Identify

Generate Checksums & Check for duplicates

This module implements checksum generation and duplicate detection.

check_collisions(checksums: List[str]) → Set[str]

Checks checksum collisions given a list of checksums as strings. Returns a set of collisions if any such are found.

Parameters:checksums (List[str]) – List of checksums that must be checked for collisions.
Returns:A set of colliding checksums. Empty if none are found.
Return type:Set[str]
check_duplicates(files: List[digiarch.internals.FileInfo], save_path: pathlib.Path) → None

Generates a file with checksum collisions, indicating that duplicates are present.

Parameters:
  • files (List[FileInfo]) – Files for which duplicates should be checked.
  • save_path (Path) – Path to which the checksum collision information should be saved.
checksum_worker(file_info: digiarch.internals.FileInfo) → digiarch.internals.FileInfo

Worker used when multiprocessing checksums of FileInfo objects.

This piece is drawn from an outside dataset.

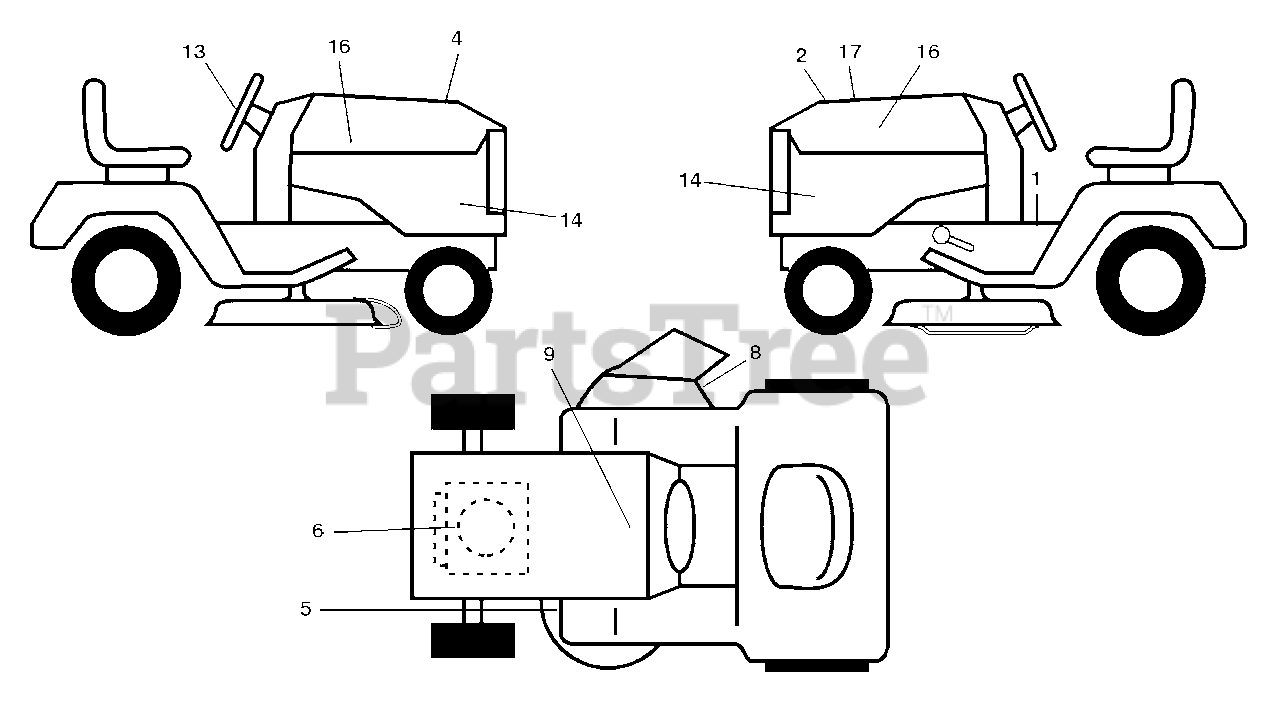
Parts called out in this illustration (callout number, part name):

Parameters:fileinfo (FileInfo) – The FileInfo object that must be updated with a new checksum value.
Returns:The FileInfo object with an updated checksum value.
Return type:FileInfo
file_checksum(file: pathlib.Path) → str

Calculate the checksum of an input file using BLAKE2.

Parameters:file (Path) – The file for which to calculate the checksum. Expects a pathlib.Path object.
Returns:The hex checksum of the input file.
Return type:str
generate_checksums(files: List[digiarch.internals.FileInfo]) → List[digiarch.internals.FileInfo]

Multiprocesses a list of FileInfo object in order to assign new checksums.

Parameters:files (List[FileInfo]) – List of FileInfo objects that need checksums.
Returns:The updated list of FileInfo objects.
Return type:List[FileInfo]

Identify Files

Identify files using siegfried

identify(files: List[digiarch.internals.FileInfo], path: pathlib.Path) → List[digiarch.internals.FileInfo]

Identify all files in a list, and return the updated list.

Parameters:files (List[FileInfo]) – Files to identify.
Returns:Input files with updated Identification information.
Return type:List[FileInfo]
sf_id(path: pathlib.Path) → Dict[pathlib.Path, digiarch.internals.Identification]

Identify files using siegfried and update FileInfo with obtained PUID, signature name, and warning if applicable.

Parameters:path (pathlib.Path) – Path in which to identify files.
Returns:Dictionary containing file path and associated identification information obtained from siegfried’s stdout.
Return type:Dict[Path, Identification]
Raises:IdentificationError – If running siegfried or loading of the resulting JSON output fails, an IdentificationError is thrown.
update_file_info(file_info: digiarch.internals.FileInfo, id_info: Dict[pathlib.Path, digiarch.internals.Identification]) → digiarch.internals.FileInfo

Generate Reports

Reporting utilities for file discovery.

report_results(files: List[digiarch.internals.FileInfo], save_path: pathlib.Path) → None

Generates reports of explore_dir() results.

Parameters:
  • files (List[FileInfo]) – The files to report on.
  • save_path (str) – The path in which to save the reports.